Exercise objective: From the first line down to the one containing "PropertySet Name: Model Information", reproduce the entries below exactly and leave out the pictures.

(Records from a data source)

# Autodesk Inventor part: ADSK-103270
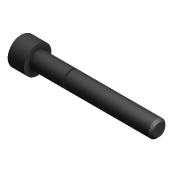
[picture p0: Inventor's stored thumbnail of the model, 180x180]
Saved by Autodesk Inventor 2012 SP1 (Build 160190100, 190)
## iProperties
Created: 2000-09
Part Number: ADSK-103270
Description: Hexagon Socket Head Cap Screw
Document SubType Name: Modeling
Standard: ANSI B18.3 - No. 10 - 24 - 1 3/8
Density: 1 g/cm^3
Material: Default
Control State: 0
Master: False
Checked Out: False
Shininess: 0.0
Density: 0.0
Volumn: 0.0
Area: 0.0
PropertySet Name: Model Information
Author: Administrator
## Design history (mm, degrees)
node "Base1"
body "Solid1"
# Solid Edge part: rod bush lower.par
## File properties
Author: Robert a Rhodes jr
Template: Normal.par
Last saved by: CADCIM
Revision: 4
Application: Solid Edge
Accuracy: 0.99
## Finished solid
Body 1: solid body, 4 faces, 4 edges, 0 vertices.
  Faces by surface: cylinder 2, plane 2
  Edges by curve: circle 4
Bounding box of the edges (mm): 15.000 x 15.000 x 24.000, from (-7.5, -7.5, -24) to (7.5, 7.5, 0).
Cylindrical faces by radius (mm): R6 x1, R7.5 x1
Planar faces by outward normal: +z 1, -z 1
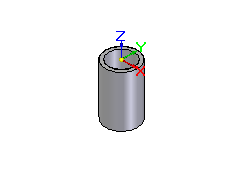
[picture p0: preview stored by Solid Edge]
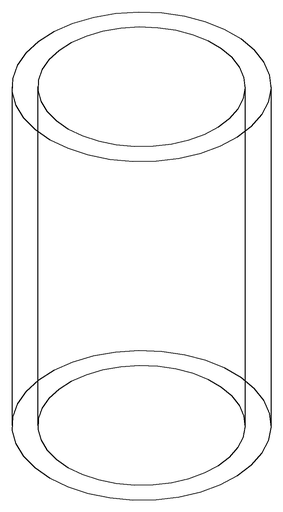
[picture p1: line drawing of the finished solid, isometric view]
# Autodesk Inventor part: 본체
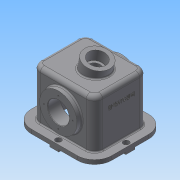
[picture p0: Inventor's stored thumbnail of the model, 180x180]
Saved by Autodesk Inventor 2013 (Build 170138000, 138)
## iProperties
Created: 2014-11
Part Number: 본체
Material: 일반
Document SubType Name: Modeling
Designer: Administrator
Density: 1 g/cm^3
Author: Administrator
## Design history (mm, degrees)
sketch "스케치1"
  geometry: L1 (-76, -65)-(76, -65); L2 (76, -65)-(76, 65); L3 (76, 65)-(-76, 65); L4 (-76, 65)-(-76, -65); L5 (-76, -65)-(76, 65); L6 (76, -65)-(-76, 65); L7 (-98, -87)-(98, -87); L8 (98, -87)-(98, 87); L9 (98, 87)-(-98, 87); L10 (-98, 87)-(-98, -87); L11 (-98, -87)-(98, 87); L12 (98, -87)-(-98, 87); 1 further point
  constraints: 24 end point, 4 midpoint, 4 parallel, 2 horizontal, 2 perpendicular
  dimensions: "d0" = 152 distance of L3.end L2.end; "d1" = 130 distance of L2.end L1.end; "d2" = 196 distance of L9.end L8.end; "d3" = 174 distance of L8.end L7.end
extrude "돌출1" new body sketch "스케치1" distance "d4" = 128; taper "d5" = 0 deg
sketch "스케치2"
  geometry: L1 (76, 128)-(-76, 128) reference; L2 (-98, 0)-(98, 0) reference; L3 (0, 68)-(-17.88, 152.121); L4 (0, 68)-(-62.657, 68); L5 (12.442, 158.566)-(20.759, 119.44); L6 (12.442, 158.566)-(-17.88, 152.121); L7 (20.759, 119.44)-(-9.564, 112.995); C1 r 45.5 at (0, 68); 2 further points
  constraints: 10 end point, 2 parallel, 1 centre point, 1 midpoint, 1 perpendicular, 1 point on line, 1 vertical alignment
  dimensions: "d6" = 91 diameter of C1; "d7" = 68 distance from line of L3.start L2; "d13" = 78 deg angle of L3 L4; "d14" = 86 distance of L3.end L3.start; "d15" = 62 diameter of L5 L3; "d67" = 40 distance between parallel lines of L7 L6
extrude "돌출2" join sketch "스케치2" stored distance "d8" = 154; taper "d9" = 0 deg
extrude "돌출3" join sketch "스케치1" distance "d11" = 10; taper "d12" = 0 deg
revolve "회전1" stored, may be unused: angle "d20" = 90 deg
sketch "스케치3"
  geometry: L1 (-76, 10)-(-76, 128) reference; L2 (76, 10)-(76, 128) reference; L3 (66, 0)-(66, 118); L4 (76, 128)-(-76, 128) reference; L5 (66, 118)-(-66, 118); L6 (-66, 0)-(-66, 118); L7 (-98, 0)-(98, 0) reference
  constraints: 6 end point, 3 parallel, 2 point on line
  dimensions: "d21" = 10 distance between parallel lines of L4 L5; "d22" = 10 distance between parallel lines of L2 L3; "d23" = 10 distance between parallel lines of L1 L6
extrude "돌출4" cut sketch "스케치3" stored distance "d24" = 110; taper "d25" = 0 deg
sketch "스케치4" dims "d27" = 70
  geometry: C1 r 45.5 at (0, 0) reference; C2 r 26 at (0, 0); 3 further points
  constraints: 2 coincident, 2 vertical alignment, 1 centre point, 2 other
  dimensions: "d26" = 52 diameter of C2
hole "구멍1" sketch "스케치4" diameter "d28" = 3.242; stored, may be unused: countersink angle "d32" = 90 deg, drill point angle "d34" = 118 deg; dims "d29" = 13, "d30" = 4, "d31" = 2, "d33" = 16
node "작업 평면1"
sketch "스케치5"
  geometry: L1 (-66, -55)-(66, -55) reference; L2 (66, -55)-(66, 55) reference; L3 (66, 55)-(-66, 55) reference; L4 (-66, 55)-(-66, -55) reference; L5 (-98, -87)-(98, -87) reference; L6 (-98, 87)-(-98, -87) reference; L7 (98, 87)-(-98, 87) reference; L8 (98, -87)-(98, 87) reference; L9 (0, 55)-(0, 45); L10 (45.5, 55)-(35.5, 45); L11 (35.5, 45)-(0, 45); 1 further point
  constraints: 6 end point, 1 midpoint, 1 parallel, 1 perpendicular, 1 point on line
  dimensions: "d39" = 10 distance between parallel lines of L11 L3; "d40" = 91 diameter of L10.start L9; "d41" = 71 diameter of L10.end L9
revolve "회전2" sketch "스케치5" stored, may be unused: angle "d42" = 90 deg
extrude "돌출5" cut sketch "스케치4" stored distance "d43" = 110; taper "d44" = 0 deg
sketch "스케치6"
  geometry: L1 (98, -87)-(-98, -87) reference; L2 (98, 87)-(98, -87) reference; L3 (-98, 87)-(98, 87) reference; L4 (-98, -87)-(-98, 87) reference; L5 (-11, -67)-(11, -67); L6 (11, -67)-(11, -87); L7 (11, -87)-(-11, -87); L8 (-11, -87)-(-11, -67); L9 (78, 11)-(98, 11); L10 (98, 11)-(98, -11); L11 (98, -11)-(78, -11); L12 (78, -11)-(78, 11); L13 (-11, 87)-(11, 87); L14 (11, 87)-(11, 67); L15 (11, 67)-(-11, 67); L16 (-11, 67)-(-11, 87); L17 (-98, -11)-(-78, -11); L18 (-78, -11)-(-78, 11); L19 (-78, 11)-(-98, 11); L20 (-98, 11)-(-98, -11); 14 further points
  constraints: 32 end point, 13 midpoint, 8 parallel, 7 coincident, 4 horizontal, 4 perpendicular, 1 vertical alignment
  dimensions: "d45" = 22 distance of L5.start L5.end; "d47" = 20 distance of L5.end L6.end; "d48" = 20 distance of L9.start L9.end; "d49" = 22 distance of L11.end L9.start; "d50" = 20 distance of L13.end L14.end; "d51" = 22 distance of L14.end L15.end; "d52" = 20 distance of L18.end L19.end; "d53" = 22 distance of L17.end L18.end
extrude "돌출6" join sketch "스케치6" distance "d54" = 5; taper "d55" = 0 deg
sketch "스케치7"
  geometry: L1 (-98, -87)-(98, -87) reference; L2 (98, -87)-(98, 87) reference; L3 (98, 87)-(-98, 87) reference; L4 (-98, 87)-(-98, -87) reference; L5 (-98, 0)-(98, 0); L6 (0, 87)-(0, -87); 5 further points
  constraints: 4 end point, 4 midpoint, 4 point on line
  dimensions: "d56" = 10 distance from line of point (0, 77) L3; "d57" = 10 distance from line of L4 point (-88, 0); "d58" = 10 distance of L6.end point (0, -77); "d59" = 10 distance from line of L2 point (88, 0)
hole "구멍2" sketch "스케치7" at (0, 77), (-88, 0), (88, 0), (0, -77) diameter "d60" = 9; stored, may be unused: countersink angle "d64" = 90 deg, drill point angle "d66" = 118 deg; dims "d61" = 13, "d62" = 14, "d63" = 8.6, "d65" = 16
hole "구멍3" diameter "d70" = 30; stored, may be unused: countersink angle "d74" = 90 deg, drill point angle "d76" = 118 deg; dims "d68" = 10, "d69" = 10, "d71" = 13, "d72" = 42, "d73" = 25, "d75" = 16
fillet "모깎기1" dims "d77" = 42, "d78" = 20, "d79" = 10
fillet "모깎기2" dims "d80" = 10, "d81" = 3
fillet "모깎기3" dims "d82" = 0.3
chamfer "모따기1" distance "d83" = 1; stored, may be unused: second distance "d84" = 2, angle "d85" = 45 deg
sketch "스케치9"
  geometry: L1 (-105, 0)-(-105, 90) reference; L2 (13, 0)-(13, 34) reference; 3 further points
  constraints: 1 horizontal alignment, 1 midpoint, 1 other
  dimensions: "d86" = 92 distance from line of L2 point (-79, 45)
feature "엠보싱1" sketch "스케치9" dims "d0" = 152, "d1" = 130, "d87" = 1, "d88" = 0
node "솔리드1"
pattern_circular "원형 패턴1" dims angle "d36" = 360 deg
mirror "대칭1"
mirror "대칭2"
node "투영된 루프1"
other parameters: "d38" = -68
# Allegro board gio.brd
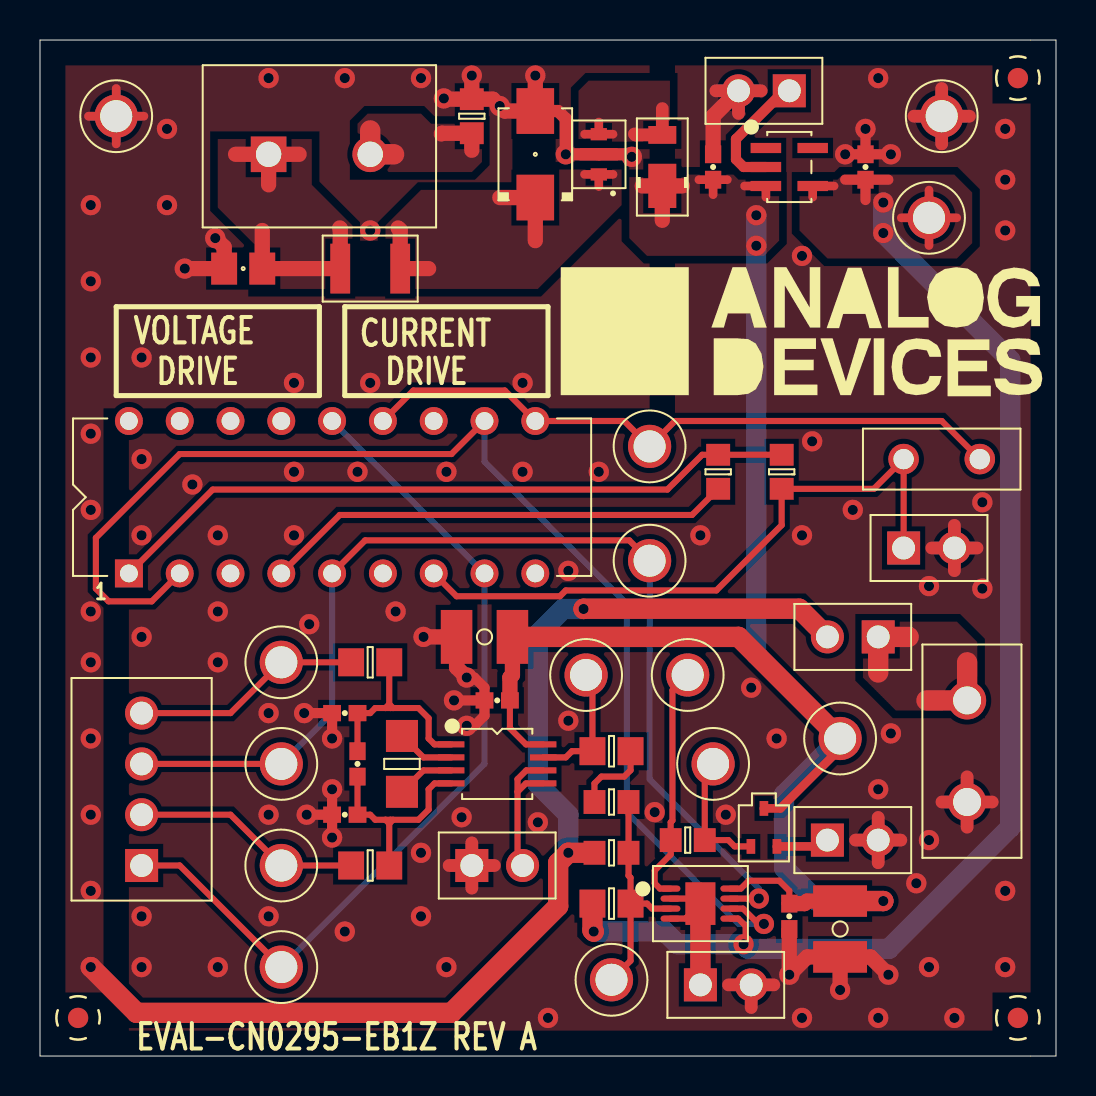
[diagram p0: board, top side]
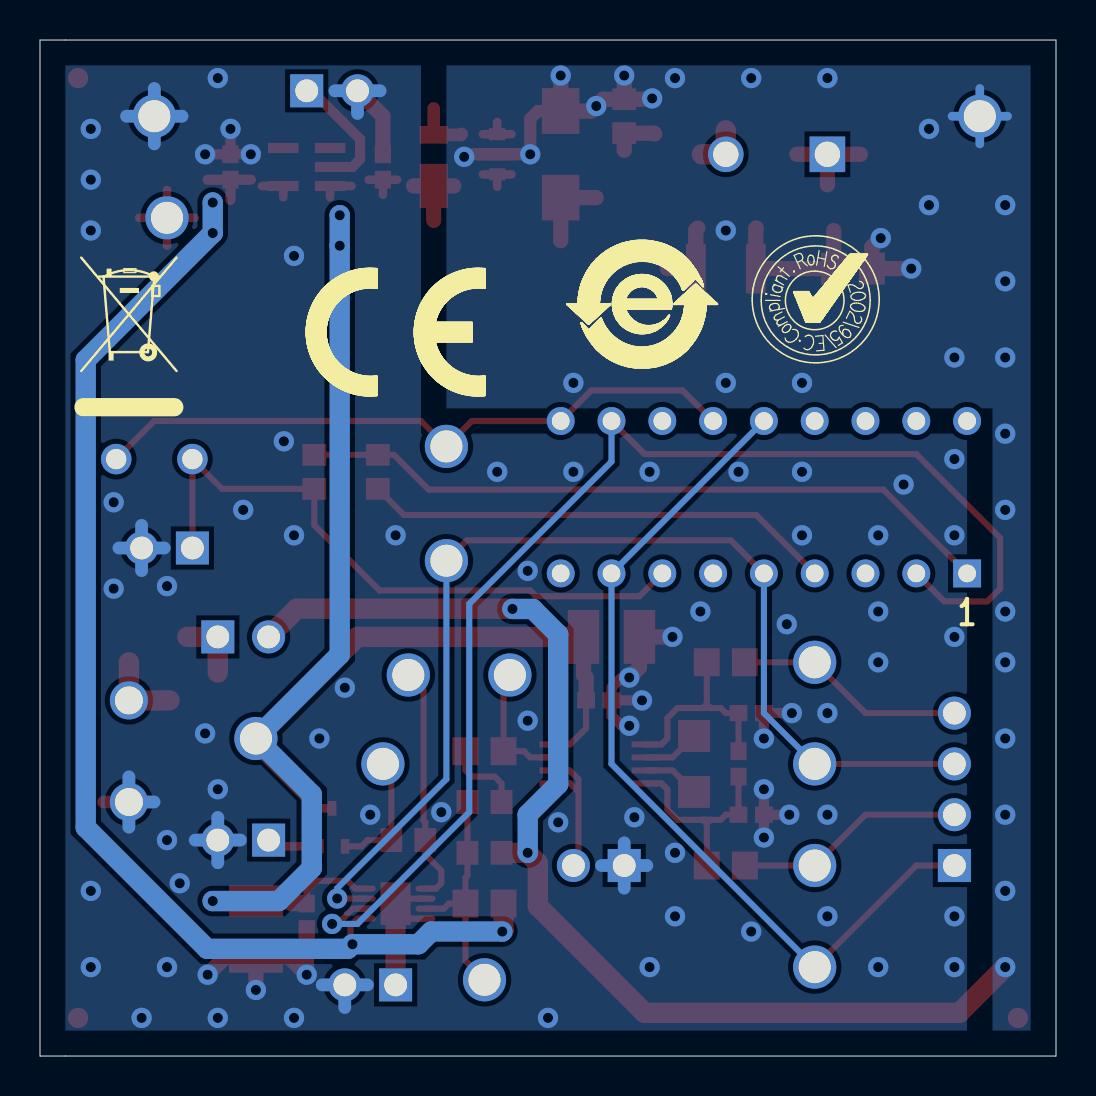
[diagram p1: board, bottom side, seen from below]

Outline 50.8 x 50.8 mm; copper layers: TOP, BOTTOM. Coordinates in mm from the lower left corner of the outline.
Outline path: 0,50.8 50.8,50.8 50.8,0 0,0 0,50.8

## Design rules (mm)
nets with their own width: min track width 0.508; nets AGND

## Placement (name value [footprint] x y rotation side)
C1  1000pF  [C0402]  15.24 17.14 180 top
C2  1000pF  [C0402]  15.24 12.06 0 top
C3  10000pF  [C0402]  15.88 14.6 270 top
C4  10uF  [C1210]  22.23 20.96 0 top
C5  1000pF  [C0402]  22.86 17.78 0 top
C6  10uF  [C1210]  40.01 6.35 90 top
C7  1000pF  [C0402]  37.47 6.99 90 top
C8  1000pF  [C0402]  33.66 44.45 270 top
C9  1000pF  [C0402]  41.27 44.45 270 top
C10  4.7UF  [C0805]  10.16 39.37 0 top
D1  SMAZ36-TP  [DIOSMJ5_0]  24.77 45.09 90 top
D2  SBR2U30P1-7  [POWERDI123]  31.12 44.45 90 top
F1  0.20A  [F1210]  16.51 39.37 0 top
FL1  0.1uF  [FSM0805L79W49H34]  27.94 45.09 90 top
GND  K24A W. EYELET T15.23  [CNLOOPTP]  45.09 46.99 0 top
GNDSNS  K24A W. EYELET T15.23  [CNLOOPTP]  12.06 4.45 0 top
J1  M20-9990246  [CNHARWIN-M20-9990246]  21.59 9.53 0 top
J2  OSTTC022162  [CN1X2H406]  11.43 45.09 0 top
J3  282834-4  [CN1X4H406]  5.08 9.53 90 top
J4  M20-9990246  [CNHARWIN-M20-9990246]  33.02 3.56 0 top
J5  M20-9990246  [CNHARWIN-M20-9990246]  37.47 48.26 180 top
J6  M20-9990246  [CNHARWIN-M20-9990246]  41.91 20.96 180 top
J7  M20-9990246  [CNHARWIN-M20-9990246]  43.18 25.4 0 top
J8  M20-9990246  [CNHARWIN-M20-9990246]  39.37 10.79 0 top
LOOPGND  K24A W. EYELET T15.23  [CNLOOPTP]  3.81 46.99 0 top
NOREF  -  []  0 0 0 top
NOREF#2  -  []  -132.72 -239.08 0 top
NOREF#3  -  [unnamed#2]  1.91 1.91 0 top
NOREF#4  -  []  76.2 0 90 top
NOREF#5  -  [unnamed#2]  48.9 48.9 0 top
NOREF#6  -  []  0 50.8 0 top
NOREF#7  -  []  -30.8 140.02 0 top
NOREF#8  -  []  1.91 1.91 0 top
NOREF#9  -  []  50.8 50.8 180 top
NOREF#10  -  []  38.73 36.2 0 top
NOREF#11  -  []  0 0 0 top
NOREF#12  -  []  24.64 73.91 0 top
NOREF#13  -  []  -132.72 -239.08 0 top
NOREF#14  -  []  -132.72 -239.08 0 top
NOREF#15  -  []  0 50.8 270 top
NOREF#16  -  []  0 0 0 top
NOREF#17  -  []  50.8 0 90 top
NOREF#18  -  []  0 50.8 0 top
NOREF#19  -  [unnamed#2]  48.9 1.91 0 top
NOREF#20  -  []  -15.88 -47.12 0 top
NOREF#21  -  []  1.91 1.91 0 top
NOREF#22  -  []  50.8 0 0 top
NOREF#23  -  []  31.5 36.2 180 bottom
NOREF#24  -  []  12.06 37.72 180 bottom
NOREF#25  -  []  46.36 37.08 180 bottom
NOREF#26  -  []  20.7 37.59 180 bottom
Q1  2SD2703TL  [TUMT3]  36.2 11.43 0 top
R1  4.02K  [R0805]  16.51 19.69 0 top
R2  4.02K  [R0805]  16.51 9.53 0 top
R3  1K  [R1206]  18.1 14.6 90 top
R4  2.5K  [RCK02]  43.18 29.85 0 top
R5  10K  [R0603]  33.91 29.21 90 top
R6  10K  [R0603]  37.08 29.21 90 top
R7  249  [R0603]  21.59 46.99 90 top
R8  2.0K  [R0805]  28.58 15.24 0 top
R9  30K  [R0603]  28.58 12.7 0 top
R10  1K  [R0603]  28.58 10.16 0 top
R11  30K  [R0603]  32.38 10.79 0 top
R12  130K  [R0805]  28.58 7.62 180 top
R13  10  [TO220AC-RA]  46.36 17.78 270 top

Your response:
# Autodesk Inventor part: ADSK-103270
[picture p0: Inventor's stored thumbnail of the model, 180x180]
Saved by Autodesk Inventor 2012 SP1 (Build 160190100, 190)
## iProperties
Created: 2000-09
Part Number: ADSK-103270
Description: Hexagon Socket Head Cap Screw
Document SubType Name: Modeling
Standard: ANSI B18.3 - No. 10 - 24 - 1 3/8
Density: 1 g/cm^3
Material: Default
Control State: 0
Master: False
Checked Out: False
Shininess: 0.0
Density: 0.0
Volumn: 0.0
Area: 0.0
PropertySet Name: Model Information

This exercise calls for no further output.